Menstruation is a natural, normal part of a woman’s health cycle. But for many women who live in underprivileged areas, it can be the most dreaded time in the entire month. Though man has moved from apes to the mobile-wielding technical giant of today, some taboos hold their place in cultural practices even in this digital world. And the taboos on menstruation have not even spared developed countries such as Australia.
Society and cultural practices around menstruation have created weird trends. These are the same trends that cause gender inequality to lack jobs for women. The negative aspects of menstruation can affect the girls’ mentality, lifestyle, emotions, and health.
Table of Contents
Now shall we look at some of the simple myths regarding menstruation?
#1. In Japan, Rarely Will You Find Female Chefs
You can find the endangered fish species on the menu of a hotel in Japan, but it is very rare to find a woman chef. As per the good old tradition, women were excluded from the cooking field in the cooking field because of their periods. The reason given was – during the menstruation cycle, women can create imbalances in mixing ingredients and taste of food.

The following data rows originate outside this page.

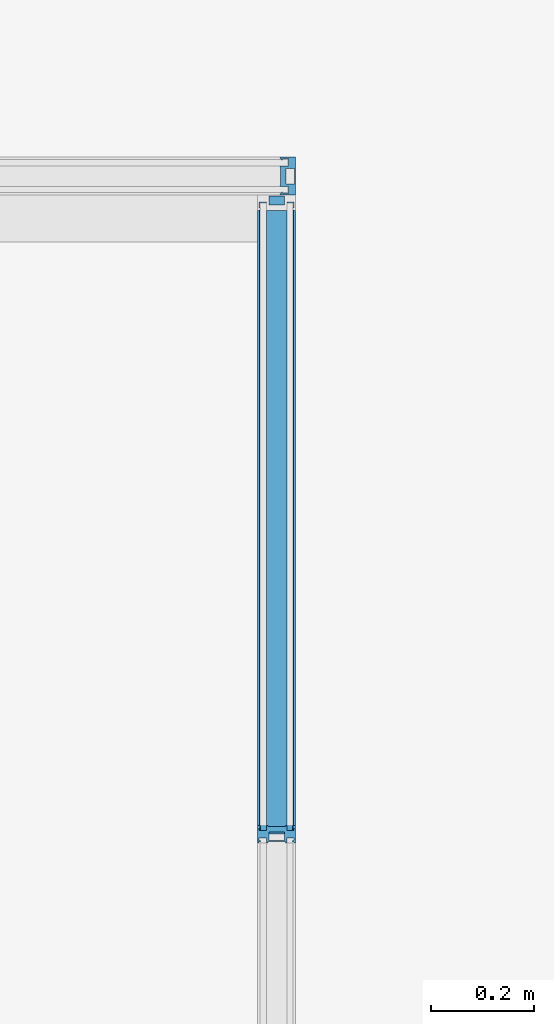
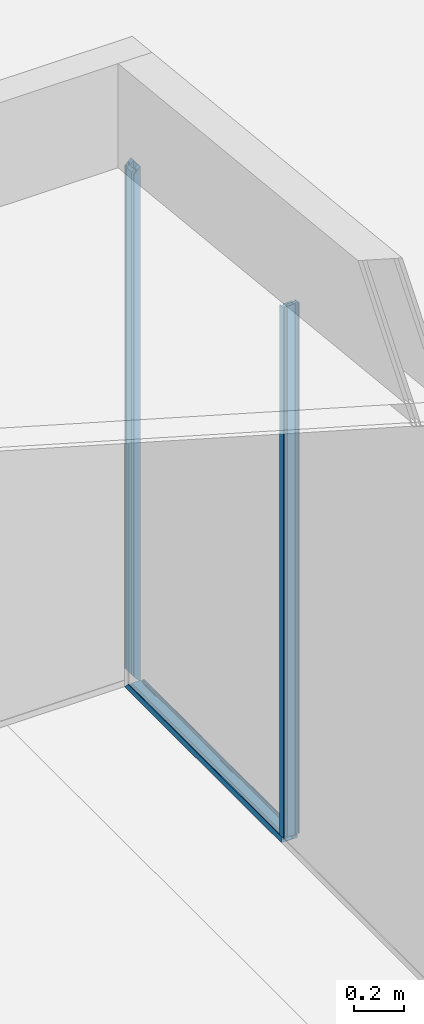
# One storey, part 19 of 43: 3 members, 2 elements without a shape of their own.
"""IFC2X3 building model written with IfcOpenShell, lengths in millimetres."""

from ifc_helpers import new_model, entity, si_unit, converted_unit, derived_unit, money_unit, direction, frame, origin_with_axes, place, context, subcontext, project, spatial, faceted_brep, material, material_list, type_object, element, aggregate, save


model = new_model("IFC2X3")

# Units and contexts
model_context = context("Model", 3, precision=0.01, world=origin_with_axes(), true_north=direction((0.0, 1.0)))
body_context = subcontext(model_context, "Body", "Model", "MODEL_VIEW")
ifc_project = project(units=[si_unit("LENGTHUNIT", "METRE", prefix="MILLI"), si_unit("AREAUNIT", "SQUARE_METRE"), si_unit("VOLUMEUNIT", "CUBIC_METRE"), converted_unit("PLANEANGLEUNIT", "DEGREE", entity("IfcPlaneAngleMeasure", 0.0174532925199), si_unit("PLANEANGLEUNIT", "RADIAN"), dimensions=[0, 0, 0, 0, 0, 0, 0]), si_unit("SOLIDANGLEUNIT", "STERADIAN"), money_unit("EUR"), converted_unit("TIMEUNIT", "Year", entity("IfcTimeMeasure", 31556926.0), si_unit("TIMEUNIT", "SECOND"), dimensions=[0, 0, 1, 0, 0, 0, 0]), si_unit("MASSUNIT", "GRAM", prefix="KILO"), si_unit("THERMODYNAMICTEMPERATUREUNIT", "DEGREE_CELSIUS"), si_unit("LUMINOUSINTENSITYUNIT", "LUMEN"), si_unit("ENERGYUNIT", "JOULE", prefix="MEGA"), derived_unit("THERMALCONDUCTANCEUNIT", [(si_unit("POWERUNIT", "WATT"), 1), (si_unit("LENGTHUNIT", "METRE"), -1), (si_unit("THERMODYNAMICTEMPERATUREUNIT", "KELVIN"), -1)]), derived_unit("SPECIFICHEATCAPACITYUNIT", [(si_unit("ENERGYUNIT", "JOULE"), 1), (si_unit("MASSUNIT", "GRAM", prefix="KILO"), -1), (si_unit("THERMODYNAMICTEMPERATUREUNIT", "KELVIN"), -1)]), derived_unit("MASSDENSITYUNIT", [(si_unit("MASSUNIT", "GRAM", prefix="KILO"), 1), (si_unit("VOLUMEUNIT", "CUBIC_METRE"), -1)])], contexts=[model_context])

# Site, building, storey
site_placement = place(None, origin_with_axes())
site = spatial("IfcSite", under=ifc_project, at=site_placement, Name="L.Koidula tn 11b", CompositionType="ELEMENT")
building_placement = place(site_placement, origin_with_axes())
building = spatial("IfcBuilding", under=site, at=building_placement, Name="Rakvere Riigigümnaasium", CompositionType="ELEMENT")
storey_placement = place(building_placement, frame((0.0, 0.0, 6665.0), z_axis=(0.0, 0.0, 1.0), x_axis=(1.0, 0.0, 0.0)))
storey = spatial("IfcBuildingStorey", under=building, at=storey_placement, Name="3.korrus +6,66", CompositionType="ELEMENT", Elevation=6665.0)

# Curtain wall, member
curtain_wall_type = type_object("IfcCurtainWallType", Name="Curtain Wall Type", PredefinedType="NOTDEFINED")
curtain_wall_1_placement = place(storey_placement, frame((45254.9999955, 28178.4554945, 0.0), z_axis=(0.0, 0.0, 1.0), x_axis=(1.0, 0.0, 0.0)))
curtain_wall_1 = element("IfcCurtainWall", 1, at=curtain_wall_1_placement, inside=storey, type_object=curtain_wall_type, Name="SKLF-26")
ifc_material_1 = material(Name="Klaasvill")
ifc_material_2 = material(Name="Teras RAL7012")
ifc_material_list = material_list([ifc_material_1, ifc_material_2])
member_type_1 = type_object("IfcMemberType", Name="Boundary Frame 30 x 42", PredefinedType="MULLION")
member_1_placement = place(curtain_wall_1_placement, frame((2355.0, 0.0, 0.0), z_axis=(0.0, 0.0, 1.0), x_axis=(1.0, 0.0, 0.0)))
member_1 = element("IfcMember", 2, at=member_1_placement, type_object=member_type_1, material=ifc_material_list, Name="SKLF-10-raam", ObjectType="MULLION", context=body_context, shape_type="Brep", body=[
    faceted_brep([(-13.8499999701, 15.000000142, 13.8499999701), (-7.49999990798, 15.000000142, 7.49999990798), (-7.49999990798, 15.000000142, 2482.49984226), (-13.8499999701, 15.000000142, 2476.1498422), (-13.8499999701, 29.0161444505, 13.8499999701), (-7.49999990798, 29.0161444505, 7.49999990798), (-7.49999990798, 29.0161444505, 2482.49984226), (-13.8499999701, 29.0161444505, 2476.1498422)], [[[0, 1, 2, 3]], [[1, 0, 4, 5]], [[1, 5, 6, 2]], [[2, 6, 7, 3]], [[4, 0, 3, 7]], [[5, 4, 7, 6]]]),
    faceted_brep([(-25.004489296, 27.0307503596, 25.004489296), (-24.987414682, 29.0161444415, 24.987414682), (-24.987414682, 29.0161444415, 2465.01242749), (-25.004489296, 27.0307503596, 2464.99535287), (-25.742237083, 26.2930025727, 25.742237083), (-26.7500193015, 26.0229681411, 26.7500193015), (-27.75780152, 26.2930025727, 27.75780152), (-28.4955493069, 27.0307503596, 28.4955493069), (-28.7655837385, 28.0385325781, 28.7655837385), (-28.5126239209, 29.0161444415, 28.5126239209), (-28.5126239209, 29.0161444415, 2461.48721825), (-28.7655837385, 28.0385325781, 2461.23425843), (-28.4955493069, 27.0307503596, 2461.50429286), (-27.75780152, 26.2930025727, 2462.24204065), (-26.7500193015, 26.0229681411, 2463.24982287), (-25.742237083, 26.2930025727, 2464.25760509)], [[[0, 1, 2, 3]], [[1, 0, 4, 5, 6, 7, 8, 9]], [[1, 9, 10, 2]], [[2, 10, 11, 12, 13, 14, 15, 3]], [[4, 0, 3, 15]], [[5, 4, 15, 14]], [[6, 5, 14, 13]], [[7, 6, 13, 12]], [[8, 7, 12, 11]], [[9, 8, 11, 10]]]),
    faceted_brep([(-7.49999990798, -39.0161445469, 7.49999990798), (-7.49999990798, -24.9999997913, 7.49999990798), (-7.49999990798, -24.9999997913, 2482.49984226), (-7.49999990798, -39.0161445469, 2482.49984226), (-13.8499999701, -39.0161445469, 13.8499999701), (-13.8499999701, -24.9999997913, 13.8499999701), (-13.8499999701, -24.9999997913, 2476.1498422), (-13.8499999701, -39.0161445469, 2476.1498422)], [[[0, 1, 2, 3]], [[1, 0, 4, 5]], [[1, 5, 6, 2]], [[2, 6, 7, 3]], [[4, 0, 3, 7]], [[5, 4, 7, 6]]]),
    faceted_brep([(-24.987414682, -39.0161444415, 24.987414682), (-25.004489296, -37.0307503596, 25.004489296), (-25.004489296, -37.0307503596, 2464.99535287), (-24.987414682, -39.0161444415, 2465.01242749), (-28.5126239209, -39.0161444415, 28.5126239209), (-28.7655837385, -38.0385325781, 28.7655837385), (-28.4955493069, -37.0307503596, 28.4955493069), (-27.75780152, -36.2930025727, 27.75780152), (-26.7500193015, -36.0229681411, 26.7500193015), (-25.742237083, -36.2930025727, 25.742237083), (-25.742237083, -36.2930025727, 2464.25760509), (-26.7500193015, -36.0229681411, 2463.24982287), (-27.75780152, -36.2930025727, 2462.24204065), (-28.4955493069, -37.0307503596, 2461.50429286), (-28.7655837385, -38.0385325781, 2461.23425843), (-28.5126239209, -39.0161444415, 2461.48721825)], [[[0, 1, 2, 3]], [[1, 0, 4, 5, 6, 7, 8, 9]], [[1, 9, 10, 2]], [[2, 10, 11, 12, 13, 14, 15, 3]], [[4, 0, 3, 15]], [[5, 4, 15, 14]], [[6, 5, 14, 13]], [[7, 6, 13, 12]], [[8, 7, 12, 11]], [[9, 8, 11, 10]]]),
    faceted_brep([(-29.5999996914, -22.0000000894, 29.5999996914), (0.0, -22.0000000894, 0.0), (0.0, -22.0000000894, 2489.99984217), (-29.5999996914, -22.0000000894, 2460.39984248), (-29.5999996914, 12.0000000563, 29.5999996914), (0.0, 12.0000000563, 0.0), (-1.9999999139, 10.0000001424, 1.9999999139), (-18.7999996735, 10.0000001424, 18.7999996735), (-18.7999996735, -20.0000001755, 18.7999996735), (-1.9999999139, -20.0000001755, 1.9999999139), (0.0, 12.0000000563, 2489.99984217), (-29.5999996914, 12.0000000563, 2460.39984248), (-1.9999999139, 10.0000001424, 2487.99984226), (-1.9999999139, -20.0000001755, 2487.99984226), (-18.7999996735, -20.0000001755, 2471.1998425), (-18.7999996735, 10.0000001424, 2471.1998425)], [[[0, 1, 2, 3]], [[1, 0, 4, 5], [6, 7, 8, 9]], [[1, 5, 10, 2]], [[2, 10, 11, 3], [12, 13, 14, 15]], [[4, 0, 3, 11]], [[5, 4, 11, 10]], [[7, 6, 12, 15]], [[8, 7, 15, 14]], [[9, 8, 14, 13]], [[6, 9, 13, 12]]]),
    faceted_brep([(-29.5999996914, 12.0000000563, 29.5999996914), (0.0, 12.0, 0.0), (0.0, 12.0, 2489.99984217), (-29.5999996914, 12.0000000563, 2460.39984248), (-30.0000193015, 12.0, 30.0000193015), (-30.0000193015, 15.0, 30.0000193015), (-13.8499999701, 15.000000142, 13.8499999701), (-7.49999999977, 15.0, 7.49999999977), (-7.49999999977, 29.0161444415, 7.49999999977), (-13.8499999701, 29.0161444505, 13.8499999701), (-24.987414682, 29.0161444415, 24.987414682), (-28.5126239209, 29.0161444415, 28.5126239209), (-30.0000193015, 29.0161444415, 30.0000193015), (-30.0000193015, 32.0, 30.0000193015), (0.0, 32.0, 0.0), (0.0, 32.0, 2489.99984217), (-30.0000193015, 32.0, 2459.99982287), (-30.0000193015, 29.0161444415, 2459.99982287), (-28.5126239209, 29.0161444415, 2461.48721825), (-24.987414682, 29.0161444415, 2465.01242749), (-13.8499999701, 29.0161444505, 2476.1498422), (-7.49999999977, 29.0161444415, 2482.49984217), (-7.49999999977, 15.0, 2482.49984217), (-13.8499999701, 15.000000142, 2476.1498422), (-30.0000193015, 15.0, 2459.99982287), (-30.0000193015, 12.0, 2459.99982287)], [[[0, 1, 2, 3]], [[1, 0, 4, 5, 6, 7, 8, 9, 10, 11, 12, 13, 14]], [[1, 14, 15, 2]], [[2, 15, 16, 17, 18, 19, 20, 21, 22, 23, 24, 25, 3]], [[4, 0, 3, 25]], [[5, 4, 25, 24]], [[6, 5, 24, 23]], [[7, 6, 23, 22]], [[8, 7, 22, 21]], [[9, 8, 21, 20]], [[10, 9, 20, 19]], [[11, 10, 19, 18]], [[12, 11, 18, 17]], [[13, 12, 17, 16]], [[14, 13, 16, 15]]]),
    faceted_brep([(0.0, -42.0, 0.0), (0.0, -22.0, 0.0), (0.0, -22.0, 2489.99984217), (0.0, -42.0, 2489.99984217), (-30.0000193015, -42.0, 30.0000193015), (-30.0000193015, -39.0161444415, 30.0000193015), (-28.5126239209, -39.0161444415, 28.5126239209), (-24.987414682, -39.0161444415, 24.987414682), (-13.8499999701, -39.0161445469, 13.8499999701), (-7.49999999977, -39.0161444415, 7.49999999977), (-7.49999999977, -25.0, 7.49999999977), (-13.8499999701, -24.9999997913, 13.8499999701), (-30.0000193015, -25.0, 30.0000193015), (-30.0000193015, -22.0, 30.0000193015), (-29.5999996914, -22.0000000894, 29.5999996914), (-29.5999996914, -22.0000000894, 2460.39984248), (-30.0000193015, -22.0, 2459.99982287), (-30.0000193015, -25.0, 2459.99982287), (-13.8499999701, -24.9999997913, 2476.1498422), (-7.49999999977, -25.0, 2482.49984217), (-7.49999999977, -39.0161444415, 2482.49984217), (-13.8499999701, -39.0161445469, 2476.1498422), (-24.987414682, -39.0161444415, 2465.01242749), (-28.5126239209, -39.0161444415, 2461.48721825), (-30.0000193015, -39.0161444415, 2459.99982287), (-30.0000193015, -42.0, 2459.99982287)], [[[0, 1, 2, 3]], [[1, 0, 4, 5, 6, 7, 8, 9, 10, 11, 12, 13, 14]], [[1, 14, 15, 2]], [[2, 15, 16, 17, 18, 19, 20, 21, 22, 23, 24, 25, 3]], [[4, 0, 3, 25]], [[5, 4, 25, 24]], [[6, 5, 24, 23]], [[7, 6, 23, 22]], [[8, 7, 22, 21]], [[9, 8, 21, 20]], [[10, 9, 20, 19]], [[11, 10, 19, 18]], [[12, 11, 18, 17]], [[13, 12, 17, 16]], [[14, 13, 16, 15]]]),
])
aggregate(curtain_wall_1, [member_1])

# Curtain wall, members
curtain_wall_2_placement = place(storey_placement, frame((47567.9999955, 27513.9554945, 0.0), z_axis=(0.0, 0.0, 1.0), x_axis=(1.0, 0.0, 0.0)))
curtain_wall_2 = element("IfcCurtainWall", 3, at=curtain_wall_2_placement, inside=storey, type_object=curtain_wall_type, Name="SKLF-27")
member_2_placement = place(curtain_wall_2_placement, frame((0.0, 622.5, 0.0), z_axis=(0.0, -1.0, 0.0), x_axis=(0.0, 0.0, 1.0)))
member_2 = element("IfcMember", 4, at=member_2_placement, type_object=member_type_1, material=ifc_material_list, Name="SKLF-01-raam", ObjectType="MULLION", context=body_context, shape_type="Brep", body=[
    faceted_brep([(13.8499999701, 15.000000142, 13.8499999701), (13.8499999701, 15.000000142, 1245.0), (7.49999990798, 15.000000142, 1245.0), (7.49999990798, 15.000000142, 7.49999990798), (13.8499999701, 29.0161444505, 13.8499999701), (13.8499999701, 29.0161444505, 1245.0), (7.49999990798, 29.0161444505, 1245.0), (7.49999990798, 29.0161444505, 7.49999990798)], [[[0, 1, 2, 3]], [[4, 5, 1, 0]], [[2, 1, 5, 6]], [[3, 2, 6, 7]], [[3, 7, 4, 0]], [[7, 6, 5, 4]]]),
    faceted_brep([(25.004489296, 27.0307503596, 25.004489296), (25.004489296, 27.0307503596, 1245.0), (24.987414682, 29.0161444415, 1245.0), (24.987414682, 29.0161444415, 24.987414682), (25.742237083, 26.2930025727, 25.742237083), (25.742237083, 26.2930025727, 1245.0), (26.7500193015, 26.0229681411, 1245.0), (27.75780152, 26.2930025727, 1245.0), (28.4955493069, 27.0307503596, 1245.0), (28.7655837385, 28.0385325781, 1245.0), (28.5126239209, 29.0161444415, 1245.0), (28.5126239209, 29.0161444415, 28.5126239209), (28.7655837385, 28.0385325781, 28.7655837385), (28.4955493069, 27.0307503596, 28.4955493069), (27.75780152, 26.2930025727, 27.75780152), (26.7500193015, 26.0229681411, 26.7500193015)], [[[0, 1, 2, 3]], [[4, 5, 1, 0]], [[2, 1, 5, 6, 7, 8, 9, 10]], [[3, 2, 10, 11]], [[3, 11, 12, 13, 14, 15, 4, 0]], [[15, 6, 5, 4]], [[14, 7, 6, 15]], [[13, 8, 7, 14]], [[12, 9, 8, 13]], [[11, 10, 9, 12]]]),
    faceted_brep([(7.49999990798, -39.0161445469, 7.49999990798), (7.49999990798, -39.0161445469, 1245.0), (7.49999990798, -24.9999997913, 1245.0), (7.49999990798, -24.9999997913, 7.49999990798), (13.8499999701, -39.0161445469, 13.8499999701), (13.8499999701, -39.0161445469, 1245.0), (13.8499999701, -24.9999997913, 1245.0), (13.8499999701, -24.9999997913, 13.8499999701)], [[[0, 1, 2, 3]], [[4, 5, 1, 0]], [[2, 1, 5, 6]], [[3, 2, 6, 7]], [[3, 7, 4, 0]], [[7, 6, 5, 4]]]),
    faceted_brep([(24.987414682, -39.0161444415, 24.987414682), (24.987414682, -39.0161444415, 1245.0), (25.004489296, -37.0307503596, 1245.0), (25.004489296, -37.0307503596, 25.004489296), (28.5126239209, -39.0161444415, 28.5126239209), (28.5126239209, -39.0161444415, 1245.0), (28.7655837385, -38.0385325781, 1245.0), (28.4955493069, -37.0307503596, 1245.0), (27.75780152, -36.2930025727, 1245.0), (26.7500193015, -36.0229681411, 1245.0), (25.742237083, -36.2930025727, 1245.0), (25.742237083, -36.2930025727, 25.742237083), (26.7500193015, -36.0229681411, 26.7500193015), (27.75780152, -36.2930025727, 27.75780152), (28.4955493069, -37.0307503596, 28.4955493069), (28.7655837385, -38.0385325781, 28.7655837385)], [[[0, 1, 2, 3]], [[4, 5, 1, 0]], [[2, 1, 5, 6, 7, 8, 9, 10]], [[3, 2, 10, 11]], [[3, 11, 12, 13, 14, 15, 4, 0]], [[15, 6, 5, 4]], [[14, 7, 6, 15]], [[13, 8, 7, 14]], [[12, 9, 8, 13]], [[11, 10, 9, 12]]]),
    faceted_brep([(29.5999996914, -22.0000000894, 29.5999996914), (29.5999996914, -22.0000000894, 1245.0), (0.0, -22.0000000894, 1245.0), (0.0, -22.0000000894, 0.0), (29.5999996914, 12.0000000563, 29.5999996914), (29.5999996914, 12.0000000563, 1245.0), (0.0, 12.0000000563, 1245.0), (1.9999999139, 10.0000001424, 1245.0), (18.7999996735, 10.0000001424, 1245.0), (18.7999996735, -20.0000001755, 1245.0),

#2. Girls During The Menstrual Cycle Cannot Attend Classes In Nepal
A practice must be thrown to the graveyard as soon as possible. The country passed a law against this practice prior to a decade, but the tradition of shame exists even today. Known as the Chaupadi tradition, it involves the seclusion of menstruating girls for days. This practice is still prevalent in Nepal.
The girls are forced to live in sheds or dark rooms during the period. If the cowsheds or rooms are not clean, they can develop life-threatening illnesses.
#3. The Menstruation Time Is Still Considered A Secret
In countries such as Malawi, a discussion on menstruation is considered a shame. Puberty-attaining girls usually depend on their aunts to get information on designing fashion pads from old clothes. And there is also the cruel practice – the girls should not converse with boys during this time.
#4. In Bolivia, Mixing Sanitary Pads With Trash Can Lead To Outbreak Of Cancer
How bizarre can a myth go? Like the title? In this country, girls are told by parents and even their teachers that throwing their sanitary pads into the garbage lot can lead to a cancer epidemic.
So the school-going girls cannot dispose of the pads and must keep them in their school bags. Then they have to go home to get rid of the sanitary napkins.
#5. Pollution of Food
India is well-known for its folklore and traditional practices. But in some primitive areas, girls and women cannot step into the kitchen during their menstrual cycle. It is opined that they can spoil the food just with a light touch.
So what are the common rituals usually followed everywhere?
Women are kept in secluded places during their menstruation. They should not prepare food or enter religious places.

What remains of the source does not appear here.